Для легкомысленных женщин с супрематическими сумочками и колечками на тонких дворянских пальцах в этой боевой периодике просто не было места. Их могли, даже не заметив, только раздавить колесами идеологической машины и превратить в лагерную пыль. От эстетического несоответствия до политической чуждости и классовой враждебности расстояние было меньше одного робкого шага.
Вместе с тем архивные данные не во всем совпадают с официальной прессой. В 1936 году еще находилось место для «Общегородской дискуссии» (или ее имитации) на тему о формализме и натурализме в искусстве[85]

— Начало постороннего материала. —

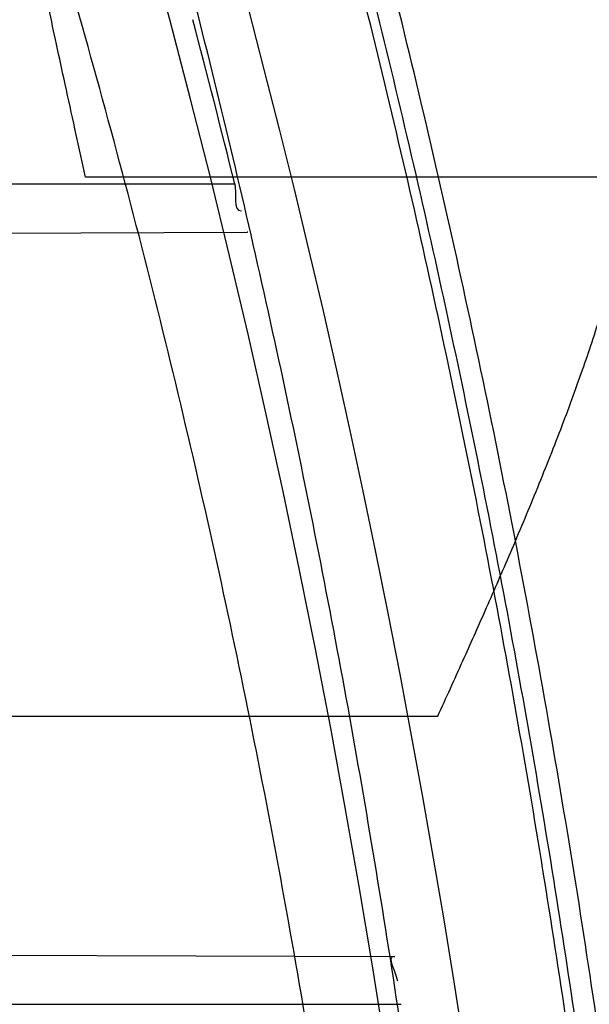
# Model space of a CAD drawing. Header units: millimetres. Extents: x 0 to 297, y 0 to 210.
# Tile 45 of 256: x 141.7902 to 141.8214, y 90.9256 to 90.9796. Entities that reach past the tile are written whole.
import ezdxf

# ---------------------------------------------------------------- set-up
doc = ezdxf.new("R2010")
doc.units = ezdxf.units.MM
doc.header["$LTSCALE"] = 16.335
doc.layers.get('0').update_dxf_attribs({"linetype": 'CONTINUOUS'})
for name, color, linetype in [('01_GLOBAL', 7, 'CONTINUOUS'), ('INTFCLR_1', 7, 'CONTINUOUS'), ('INTFCLR_144815', 7, 'CONTINUOUS')]:
    doc.layers.add(name, color=color, linetype=linetype)

msp = doc.modelspace()

# ---------------------------------------------------------------- linework, layer by layer
at = {"color": 7, "linetype": 'Continuous'}
msp.add_circle((142.5788034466, 92.2083412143), 3.42, dxfattribs=at)
at = {"color": 9, "linetype": 'Continuous'}
msp.add_arc((142.5788034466, 92.2083412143), 3.3761688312, 182.9674534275, 267.0325465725, dxfattribs=at)
at = {"layer": '01_GLOBAL', "color": 7, "linetype": 'Continuous'}
msp.add_circle((142.5788034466, 92.2083412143), 3.465, dxfattribs=at)
at = {"layer": 'INTFCLR_1', "color": 9, "linetype": 'Continuous'}
for p, q in [((141.725158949, 90.97058959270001), (141.8020041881, 90.97058959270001)), ((141.7245857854, 90.9676640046), (141.8026887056, 90.9679366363)), ((141.7338707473, 90.92848277), (141.8107340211, 90.9282144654)), ((141.7357779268, 90.9255895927), (141.8111227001, 90.9255895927))]:
    msp.add_line(p, q, dxfattribs=at)
at = {"layer": 'INTFCLR_1', "color": 6, "linetype": 'Continuous'}
for p, q in [((141.8027219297, 90.96793675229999), (141.8026887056, 90.9679366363)), ((141.8107340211, 90.9282144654), (141.810766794, 90.92821435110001))]:
    msp.add_line(p, q, dxfattribs=at)
for centre, radius, start, end in [((141.273551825, 90.84008959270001), 0.5431065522, 270, 90.00000002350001), ((141.2735905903, 90.8400918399), 0.5442890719, 13.8722679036, 14.8502447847)]:
    msp.add_arc(centre, radius, start, end, dxfattribs=at)
at = {"layer": 'INTFCLR_1', "color": 9, "linetype": 'Continuous'}
msp.add_open_spline([(141.589474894, 91.22708959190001), (141.5901302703, 91.2270894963), (141.5934664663, 91.2257697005), (141.5972968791, 91.2235292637), (141.6010154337, 91.2211904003), (141.6028021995, 91.2200263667), (141.6058484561, 91.21800314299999), (141.6133970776, 91.21273816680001), (141.6260174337, 91.20304741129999), (141.6376862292, 91.1930563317), (141.6460232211, 91.1854269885), (141.6520280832, 91.1797738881), (141.6628847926, 91.1691018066), (141.6784293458, 91.15240674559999), (141.6967876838, 91.1301309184), (141.7100118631, 91.1118246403), (141.7179037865, 91.099896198), (141.7208202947, 91.09536318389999), (141.7252087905, 91.0884116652), (141.734595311, 91.0728013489), (141.748064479, 91.04743455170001), (141.7598995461, 91.0205684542), (141.766753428, 91.0022608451), (141.7697904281, 90.99350690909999), (141.7717861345, 90.9875658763), (141.7770905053, 90.9709626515), (141.7845086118, 90.94298471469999), (141.7896594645, 90.91431187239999), (141.7919274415, 90.89640779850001), (141.7926613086, 90.8897756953), (141.793657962, 90.87980496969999), (141.795242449, 90.8582113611), (141.7955788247, 90.82488434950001), (141.7934815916, 90.79663997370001), (141.7914638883, 90.7801127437), (141.7905895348, 90.7735282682), (141.788895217, 90.7621430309), (141.7848639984, 90.73984187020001), (141.7787596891, 90.71489416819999), (141.7721799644, 90.6936469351), (141.768123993, 90.6818069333), (141.7659952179, 90.6759685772), (141.7649089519, 90.6730772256)], degree=3, knots=[0, 0, 0, 0, 0.0031306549, 0.0166311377, 0.0214593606, 0.0240790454, 0.0268205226, 0.0389267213, 0.0680356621, 0.1027866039, 0.1122691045, 0.1220183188, 0.1421809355, 0.1849822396, 0.2309158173, 0.2799873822, 0.2927706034, 0.2992370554, 0.3057353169, 0.3320403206, 0.3862319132, 0.4428084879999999, 0.4721383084, 0.4795908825, 0.487069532, 0.5020757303, 0.5628487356, 0.6251729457, 0.6410612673, 0.6490543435, 0.6570463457, 0.6889269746, 0.7524526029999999, 0.8160592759, 0.8240370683, 0.8319876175, 0.8477879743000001, 0.8790177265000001, 0.9402188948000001, 0.970317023, 0.9852457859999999, 1, 1, 1, 1], dxfattribs=at)
at = {"layer": 'INTFCLR_1', "color": 6, "linetype": 'Continuous'}
msp.add_open_spline([(141.6277114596, 90.45308959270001), (141.628171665, 90.45308959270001), (141.6293857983, 90.4535584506), (141.6315047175, 90.4546851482), (141.6344755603, 90.4566024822), (141.6382959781, 90.45932618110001), (141.6430293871, 90.46297042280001), (141.6486619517, 90.46758769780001), (141.6548706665, 90.47298156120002), (141.6611699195, 90.47874448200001), (141.6671157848, 90.4844418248), (141.6725640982, 90.4898702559), (141.6775235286, 90.49499331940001), (141.6820174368, 90.4997851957), (141.6860792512, 90.50424019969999), (141.6897364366, 90.50835687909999), (141.6930192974, 90.51213812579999), (141.695970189, 90.5156093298), (141.6986132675, 90.51877794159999), (141.7009775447, 90.5216603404), (141.7030883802, 90.5242738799), (141.7049778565, 90.526646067), (141.7066938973, 90.528827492), (141.7083843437, 90.53100071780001), (141.7101852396, 90.53334413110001), (141.7120971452, 90.53586602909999), (141.7139888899, 90.53839686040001), (141.7158471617, 90.5409158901), (141.7177807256, 90.5435730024), (141.719921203, 90.54655873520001), (141.7223135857, 90.5499520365), (141.7249869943, 90.55381783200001), (141.7279695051, 90.558226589), (141.7312859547, 90.56325135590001), (141.7349620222, 90.56898214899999), (141.739037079, 90.5755449), (141.7435494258, 90.58308452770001), (141.7485344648, 90.591778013), (141.7540294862, 90.6018595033), (141.760066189, 90.61360340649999), (141.766684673, 90.62742065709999), (141.7737557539, 90.64350792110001), (141.780825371, 90.6613597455), (141.7874356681, 90.68018148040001), (141.7933066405, 90.6992600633), (141.7983875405, 90.71840914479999), (141.8026952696, 90.7376081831), (141.8062277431, 90.7567556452), (141.8090134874, 90.77590353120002), (141.811058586, 90.7949702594), (141.8123825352, 90.81398619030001), (141.8129971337, 90.83293247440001), (141.8129122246, 90.8518123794), (141.8121342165, 90.87063713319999), (141.8106673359, 90.8893947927), (141.8085112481, 90.9080934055), (141.8056642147, 90.9267302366), (141.8021262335, 90.9452767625), (141.7978831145, 90.9637745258), (141.7929277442, 90.9822003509), (141.7872355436, 91.0005755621), (141.7808222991, 91.0188067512), (141.7739442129, 91.03620618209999), (141.7670434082, 91.0519657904), (141.7605810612, 91.0655293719), (141.7546880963, 91.07706645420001), (141.7493295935, 91.08696962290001), (141.7444701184, 91.0955139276), (141.7400702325, 91.1029297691), (141.7360941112, 91.1093927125), (141.7325006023, 91.1150506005), (141.7292596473, 91.12001098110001), (141.726339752, 91.12437206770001), (141.7237187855, 91.128203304), (141.7213647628, 91.13157857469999), (141.7192605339, 91.1345456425), (141.717372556, 91.1371689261), (141.7156764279, 91.13949490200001), (141.7140548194, 91.1416921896), (141.7123690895, 91.1439503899), (141.7105117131, 91.1464071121), (141.7085985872, 91.1489024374), (141.7066793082, 91.1513715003), (141.7047357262, 91.15383994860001), (141.7026024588, 91.1565116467), (141.7002196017, 91.15944934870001), (141.69755058, 91.1626834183), (141.6945697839, 91.1662275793), (141.6912418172, 91.1701004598), (141.6875371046, 91.1743119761), (141.6834171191, 91.178874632), (141.6788518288, 91.1837864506), (141.6738154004, 91.18903530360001), (141.6682758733, 91.1946010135), (141.6622344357, 91.2004349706), (141.6557918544, 91.2063757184), (141.6493931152, 91.21197413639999), (141.6435362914, 91.2168073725), (141.6386043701, 91.22062540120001), (141.6346411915, 91.223465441), (141.6315795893, 91.22545094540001), (141.6294126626, 91.22660901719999), (141.6281767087, 91.22708959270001), (141.6277114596, 91.22708959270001)], degree=3, knots=[0, 0, 0, 0, 0.0015510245, 0.0042404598, 0.008161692, 0.0134191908, 0.0200669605, 0.0282845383, 0.0379646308, 0.04778133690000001, 0.0570562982, 0.0657163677, 0.0737008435, 0.0810864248, 0.08785639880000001, 0.09401872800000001, 0.09964461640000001, 0.1047327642, 0.1093734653, 0.1135510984, 0.1172970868, 0.1206958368, 0.1237721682, 0.1266512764, 0.1299751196, 0.1337328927, 0.1373171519, 0.1406241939, 0.1442827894, 0.1483924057, 0.1530055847, 0.1582756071, 0.1642330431, 0.1709447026, 0.1785661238, 0.1871788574, 0.1969791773, 0.2081785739, 0.2209513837, 0.2356728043, 0.2526768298, 0.2725784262, 0.2948857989, 0.3173719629, 0.3397942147, 0.362144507, 0.3841260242, 0.4060931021, 0.4277499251, 0.4493238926, 0.4707068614, 0.4919794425, 0.5131973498, 0.5343237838, 0.5554641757, 0.5765947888, 0.5977467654, 0.6189899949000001, 0.6402145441, 0.6616941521, 0.6832817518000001, 0.7050322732, 0.7268136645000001, 0.7463228, 0.7630041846, 0.7774428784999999, 0.7899800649, 0.8009502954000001, 0.8105690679, 0.8190401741, 0.8265233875, 0.8331581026, 0.8390096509, 0.8442114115, 0.8488026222, 0.8528784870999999, 0.8564706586, 0.8596954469, 0.8625805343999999, 0.8656744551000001, 0.8691928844, 0.8729603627, 0.8762716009, 0.879732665, 0.8835489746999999, 0.8877941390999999, 0.8924809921, 0.8976810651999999, 0.9034017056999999, 0.9096904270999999, 0.916584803, 0.9241199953, 0.932290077, 0.9411002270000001, 0.9505839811, 0.960593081, 0.9706330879, 0.9792338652, 0.9861845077, 0.991642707, 0.9956806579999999, 0.9984319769, 1, 1, 1, 1], dxfattribs=at)
for points in [[(141.8020041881, 90.97058959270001), (141.8021269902, 90.9700923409), (141.8018650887, 90.96909721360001), (141.8023772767, 90.9690990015)], [(141.8107340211, 90.9282144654), (141.8102855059, 90.9282160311), (141.8108516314, 90.92732506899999), (141.810922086, 90.9268821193)]]:
    msp.add_open_spline(points, degree=3, dxfattribs=at)
at = {"layer": 'INTFCLR_144815', "color": 6, "linetype": 'Continuous'}
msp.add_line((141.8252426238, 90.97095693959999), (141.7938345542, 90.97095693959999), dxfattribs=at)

. Горком ИЗО выделил для участия в ней аж тридцать пять человек, включая Эвенбах, Кибрика, Дормидонтова, Курдова и прочих, но наших близких знакомых среди ее участников найти не удается. Их к таким важным мероприятиям и близко не подпускали. А кроме того, было ли им что сказать? Возможно, они и мыслили цветами и образами, сумочками и воротничками, бретельками и вытачками, а не вербальными конструкциями, трижды процеженными сквозь мелкое идеологическое сито.